Goal of the exercise:
I'd like the data below restated word for word, with the pictures left out.

Records supplied:
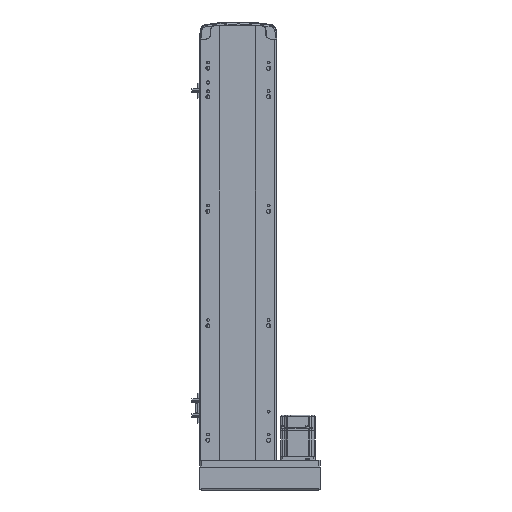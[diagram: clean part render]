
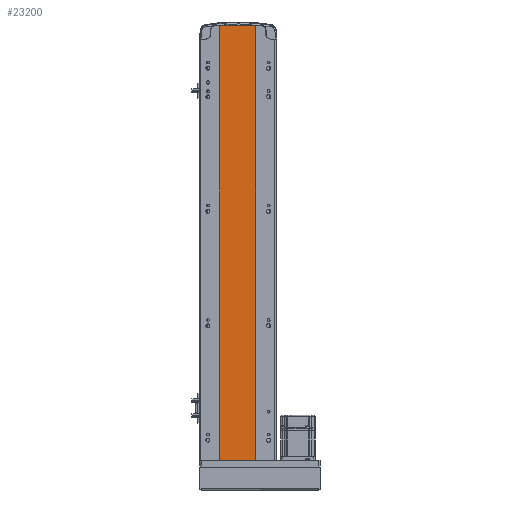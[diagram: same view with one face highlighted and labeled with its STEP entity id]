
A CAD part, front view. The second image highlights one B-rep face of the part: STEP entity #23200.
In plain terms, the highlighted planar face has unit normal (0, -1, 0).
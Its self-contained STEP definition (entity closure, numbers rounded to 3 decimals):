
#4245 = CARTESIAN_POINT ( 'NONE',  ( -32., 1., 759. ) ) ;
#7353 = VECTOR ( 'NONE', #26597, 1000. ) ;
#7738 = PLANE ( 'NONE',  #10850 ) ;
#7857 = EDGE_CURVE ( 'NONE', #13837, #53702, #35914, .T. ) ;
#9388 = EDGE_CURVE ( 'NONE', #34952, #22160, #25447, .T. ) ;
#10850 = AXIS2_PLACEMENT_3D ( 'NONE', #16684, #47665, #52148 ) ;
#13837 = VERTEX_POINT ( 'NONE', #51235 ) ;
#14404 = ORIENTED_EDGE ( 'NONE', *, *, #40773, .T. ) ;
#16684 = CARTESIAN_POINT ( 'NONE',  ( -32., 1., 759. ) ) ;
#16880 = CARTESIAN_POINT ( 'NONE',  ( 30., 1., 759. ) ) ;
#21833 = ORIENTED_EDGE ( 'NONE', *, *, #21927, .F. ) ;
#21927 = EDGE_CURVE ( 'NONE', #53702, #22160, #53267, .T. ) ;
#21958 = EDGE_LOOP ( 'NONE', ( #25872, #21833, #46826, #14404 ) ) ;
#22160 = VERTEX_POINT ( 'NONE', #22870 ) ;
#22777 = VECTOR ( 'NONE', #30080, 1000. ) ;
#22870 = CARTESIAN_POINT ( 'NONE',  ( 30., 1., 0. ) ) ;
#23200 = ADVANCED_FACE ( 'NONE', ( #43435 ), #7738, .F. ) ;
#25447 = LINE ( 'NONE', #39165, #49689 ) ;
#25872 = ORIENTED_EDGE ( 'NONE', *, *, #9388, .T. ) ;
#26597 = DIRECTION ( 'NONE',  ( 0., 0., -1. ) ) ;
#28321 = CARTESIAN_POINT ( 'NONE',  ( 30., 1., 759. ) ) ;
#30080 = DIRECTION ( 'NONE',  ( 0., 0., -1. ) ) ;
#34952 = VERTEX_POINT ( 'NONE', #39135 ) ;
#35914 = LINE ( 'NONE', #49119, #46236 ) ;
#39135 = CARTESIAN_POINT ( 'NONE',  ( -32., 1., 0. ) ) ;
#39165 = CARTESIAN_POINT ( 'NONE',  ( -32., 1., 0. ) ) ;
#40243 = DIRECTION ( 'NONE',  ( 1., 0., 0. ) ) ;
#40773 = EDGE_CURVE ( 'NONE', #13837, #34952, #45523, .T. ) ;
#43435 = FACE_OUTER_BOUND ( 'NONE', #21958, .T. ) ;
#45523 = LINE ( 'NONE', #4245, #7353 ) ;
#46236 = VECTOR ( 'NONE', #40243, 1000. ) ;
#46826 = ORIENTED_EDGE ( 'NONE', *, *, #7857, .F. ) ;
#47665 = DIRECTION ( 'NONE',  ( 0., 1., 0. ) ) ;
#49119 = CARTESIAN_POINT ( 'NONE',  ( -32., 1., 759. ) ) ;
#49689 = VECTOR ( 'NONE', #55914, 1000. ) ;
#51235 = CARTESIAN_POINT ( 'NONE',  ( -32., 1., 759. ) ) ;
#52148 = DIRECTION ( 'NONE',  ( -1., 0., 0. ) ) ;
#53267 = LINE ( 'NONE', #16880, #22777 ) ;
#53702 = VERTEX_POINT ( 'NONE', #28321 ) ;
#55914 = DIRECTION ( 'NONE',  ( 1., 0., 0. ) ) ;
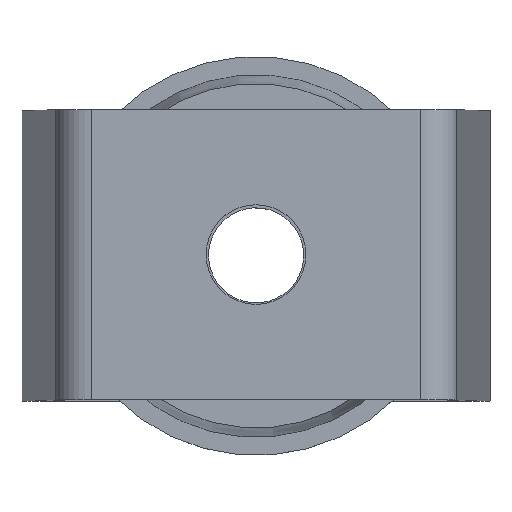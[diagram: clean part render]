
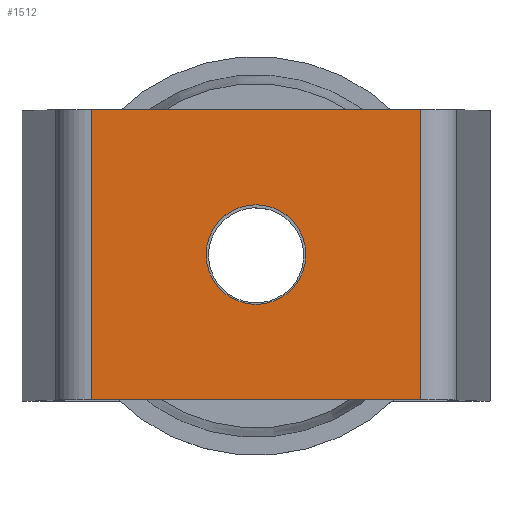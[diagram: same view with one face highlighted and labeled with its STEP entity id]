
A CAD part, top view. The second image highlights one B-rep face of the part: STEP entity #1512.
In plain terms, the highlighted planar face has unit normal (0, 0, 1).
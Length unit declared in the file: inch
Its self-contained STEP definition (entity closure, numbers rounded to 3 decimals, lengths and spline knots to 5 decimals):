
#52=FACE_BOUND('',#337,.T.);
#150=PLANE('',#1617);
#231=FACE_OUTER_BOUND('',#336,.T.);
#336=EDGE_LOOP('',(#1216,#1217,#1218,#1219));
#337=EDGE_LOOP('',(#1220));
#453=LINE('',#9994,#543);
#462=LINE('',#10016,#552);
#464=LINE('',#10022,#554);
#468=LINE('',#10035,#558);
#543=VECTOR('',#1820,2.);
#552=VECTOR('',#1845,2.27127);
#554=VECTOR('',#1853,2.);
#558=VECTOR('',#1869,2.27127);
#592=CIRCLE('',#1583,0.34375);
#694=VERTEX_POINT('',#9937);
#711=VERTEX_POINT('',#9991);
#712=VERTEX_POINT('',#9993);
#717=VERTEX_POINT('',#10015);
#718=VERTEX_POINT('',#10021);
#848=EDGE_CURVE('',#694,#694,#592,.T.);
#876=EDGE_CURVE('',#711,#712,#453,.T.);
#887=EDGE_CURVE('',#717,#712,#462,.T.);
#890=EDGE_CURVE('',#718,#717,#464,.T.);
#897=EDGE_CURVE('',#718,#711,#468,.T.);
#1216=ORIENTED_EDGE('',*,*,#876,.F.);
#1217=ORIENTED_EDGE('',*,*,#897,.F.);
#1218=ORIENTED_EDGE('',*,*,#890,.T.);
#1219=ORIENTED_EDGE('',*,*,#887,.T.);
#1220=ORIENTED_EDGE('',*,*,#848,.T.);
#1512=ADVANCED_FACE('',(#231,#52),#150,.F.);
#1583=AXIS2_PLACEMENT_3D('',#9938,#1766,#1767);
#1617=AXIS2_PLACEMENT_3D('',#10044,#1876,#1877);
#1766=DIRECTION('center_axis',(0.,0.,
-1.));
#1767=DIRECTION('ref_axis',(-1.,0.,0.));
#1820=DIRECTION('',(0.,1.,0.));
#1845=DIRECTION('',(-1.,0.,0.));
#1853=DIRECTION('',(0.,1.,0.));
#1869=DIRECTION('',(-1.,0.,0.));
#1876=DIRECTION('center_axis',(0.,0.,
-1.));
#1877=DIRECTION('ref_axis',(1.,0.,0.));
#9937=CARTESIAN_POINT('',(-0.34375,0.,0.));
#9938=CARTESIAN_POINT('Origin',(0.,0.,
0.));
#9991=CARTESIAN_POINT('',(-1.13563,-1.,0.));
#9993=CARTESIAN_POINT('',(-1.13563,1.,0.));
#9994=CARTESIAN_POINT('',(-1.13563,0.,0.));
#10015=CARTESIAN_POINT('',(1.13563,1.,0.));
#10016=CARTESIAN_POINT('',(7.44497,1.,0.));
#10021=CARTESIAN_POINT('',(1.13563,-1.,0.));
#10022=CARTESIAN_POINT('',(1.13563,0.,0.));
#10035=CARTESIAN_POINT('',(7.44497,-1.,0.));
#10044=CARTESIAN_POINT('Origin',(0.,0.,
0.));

Written reply:
[diagram: clean part render]
[diagram: same view with one face highlighted and labeled with its STEP entity id]
A CAD part, front view. The second image highlights one B-rep face of the part: STEP entity #23200.
In plain terms, the highlighted planar face has unit normal (0, -1, 0).
Its self-contained STEP definition (entity closure, numbers rounded to 3 decimals):
#4245 = CARTESIAN_POINT ( 'NONE',  ( -32., 1., 759. ) ) ;
#7353 = VECTOR ( 'NONE', #26597, 1000. ) ;
#7738 = PLANE ( 'NONE',  #10850 ) ;
#7857 = EDGE_CURVE ( 'NONE', #13837, #53702, #35914, .T. ) ;
#9388 = EDGE_CURVE ( 'NONE', #34952, #22160, #25447, .T. ) ;
#10850 = AXIS2_PLACEMENT_3D ( 'NONE', #16684, #47665, #52148 ) ;
#13837 = VERTEX_POINT ( 'NONE', #51235 ) ;
#14404 = ORIENTED_EDGE ( 'NONE', *, *, #40773, .T. ) ;
#16684 = CARTESIAN_POINT ( 'NONE',  ( -32., 1., 759. ) ) ;
#16880 = CARTESIAN_POINT ( 'NONE',  ( 30., 1., 759. ) ) ;
#21833 = ORIENTED_EDGE ( 'NONE', *, *, #21927, .F. ) ;
#21927 = EDGE_CURVE ( 'NONE', #53702, #22160, #53267, .T. ) ;
#21958 = EDGE_LOOP ( 'NONE', ( #25872, #21833, #46826, #14404 ) ) ;
#22160 = VERTEX_POINT ( 'NONE', #22870 ) ;
#22777 = VECTOR ( 'NONE', #30080, 1000. ) ;
#22870 = CARTESIAN_POINT ( 'NONE',  ( 30., 1., 0. ) ) ;
#23200 = ADVANCED_FACE ( 'NONE', ( #43435 ), #7738, .F. ) ;
#25447 = LINE ( 'NONE', #39165, #49689 ) ;
#25872 = ORIENTED_EDGE ( 'NONE', *, *, #9388, .T. ) ;
#26597 = DIRECTION ( 'NONE',  ( 0., 0., -1. ) ) ;
#28321 = CARTESIAN_POINT ( 'NONE',  ( 30., 1., 759. ) ) ;
#30080 = DIRECTION ( 'NONE',  ( 0., 0., -1. ) ) ;
#34952 = VERTEX_POINT ( 'NONE', #39135 ) ;
#35914 = LINE ( 'NONE', #49119, #46236 ) ;
#39135 = CARTESIAN_POINT ( 'NONE',  ( -32., 1., 0. ) ) ;
#39165 = CARTESIAN_POINT ( 'NONE',  ( -32., 1., 0. ) ) ;
#40243 = DIRECTION ( 'NONE',  ( 1., 0., 0. ) ) ;
#40773 = EDGE_CURVE ( 'NONE', #13837, #34952, #45523, .T. ) ;
#43435 = FACE_OUTER_BOUND ( 'NONE', #21958, .T. ) ;
#45523 = LINE ( 'NONE', #4245, #7353 ) ;
#46236 = VECTOR ( 'NONE', #40243, 1000. ) ;
#46826 = ORIENTED_EDGE ( 'NONE', *, *, #7857, .F. ) ;
#47665 = DIRECTION ( 'NONE',  ( 0., 1., 0. ) ) ;
#49119 = CARTESIAN_POINT ( 'NONE',  ( -32., 1., 759. ) ) ;
#49689 = VECTOR ( 'NONE', #55914, 1000. ) ;
#51235 = CARTESIAN_POINT ( 'NONE',  ( -32., 1., 759. ) ) ;
#52148 = DIRECTION ( 'NONE',  ( -1., 0., 0. ) ) ;
#53267 = LINE ( 'NONE', #16880, #22777 ) ;
#53702 = VERTEX_POINT ( 'NONE', #28321 ) ;
#55914 = DIRECTION ( 'NONE',  ( 1., 0., 0. ) ) ;
[diagram: clean part render]
[diagram: same view with one face highlighted and labeled with its STEP entity id]
A CAD part, top view. The second image highlights one B-rep face of the part: STEP entity #1512.
In plain terms, the highlighted planar face has unit normal (0, 0, 1).
Length unit declared in the file: inch
Its self-contained STEP definition (entity closure, numbers rounded to 3 decimals, lengths and spline knots to 5 decimals):
#52=FACE_BOUND('',#337,.T.);
#150=PLANE('',#1617);
#231=FACE_OUTER_BOUND('',#336,.T.);
#336=EDGE_LOOP('',(#1216,#1217,#1218,#1219));
#337=EDGE_LOOP('',(#1220));
#453=LINE('',#9994,#543);
#462=LINE('',#10016,#552);
#464=LINE('',#10022,#554);
#468=LINE('',#10035,#558);
#543=VECTOR('',#1820,2.);
#552=VECTOR('',#1845,2.27127);
#554=VECTOR('',#1853,2.);
#558=VECTOR('',#1869,2.27127);
#592=CIRCLE('',#1583,0.34375);
#694=VERTEX_POINT('',#9937);
#711=VERTEX_POINT('',#9991);
#712=VERTEX_POINT('',#9993);
#717=VERTEX_POINT('',#10015);
#718=VERTEX_POINT('',#10021);
#848=EDGE_CURVE('',#694,#694,#592,.T.);
#876=EDGE_CURVE('',#711,#712,#453,.T.);
#887=EDGE_CURVE('',#717,#712,#462,.T.);
#890=EDGE_CURVE('',#718,#717,#464,.T.);
#897=EDGE_CURVE('',#718,#711,#468,.T.);
#1216=ORIENTED_EDGE('',*,*,#876,.F.);
#1217=ORIENTED_EDGE('',*,*,#897,.F.);
#1218=ORIENTED_EDGE('',*,*,#890,.T.);
#1219=ORIENTED_EDGE('',*,*,#887,.T.);
#1220=ORIENTED_EDGE('',*,*,#848,.T.);
#1512=ADVANCED_FACE('',(#231,#52),#150,.F.);
#1583=AXIS2_PLACEMENT_3D('',#9938,#1766,#1767);
#1617=AXIS2_PLACEMENT_3D('',#10044,#1876,#1877);
#1766=DIRECTION('center_axis',(0.,0.,
-1.));
#1767=DIRECTION('ref_axis',(-1.,0.,0.));
#1820=DIRECTION('',(0.,1.,0.));
#1845=DIRECTION('',(-1.,0.,0.));
#1853=DIRECTION('',(0.,1.,0.));
#1869=DIRECTION('',(-1.,0.,0.));
#1876=DIRECTION('center_axis',(0.,0.,
-1.));
#1877=DIRECTION('ref_axis',(1.,0.,0.));
#9937=CARTESIAN_POINT('',(-0.34375,0.,0.));
#9938=CARTESIAN_POINT('Origin',(0.,0.,
0.));
#9991=CARTESIAN_POINT('',(-1.13563,-1.,0.));
#9993=CARTESIAN_POINT('',(-1.13563,1.,0.));
#9994=CARTESIAN_POINT('',(-1.13563,0.,0.));
#10015=CARTESIAN_POINT('',(1.13563,1.,0.));
#10016=CARTESIAN_POINT('',(7.44497,1.,0.));
#10021=CARTESIAN_POINT('',(1.13563,-1.,0.));
#10022=CARTESIAN_POINT('',(1.13563,0.,0.));
#10035=CARTESIAN_POINT('',(7.44497,-1.,0.));
#10044=CARTESIAN_POINT('Origin',(0.,0.,
0.));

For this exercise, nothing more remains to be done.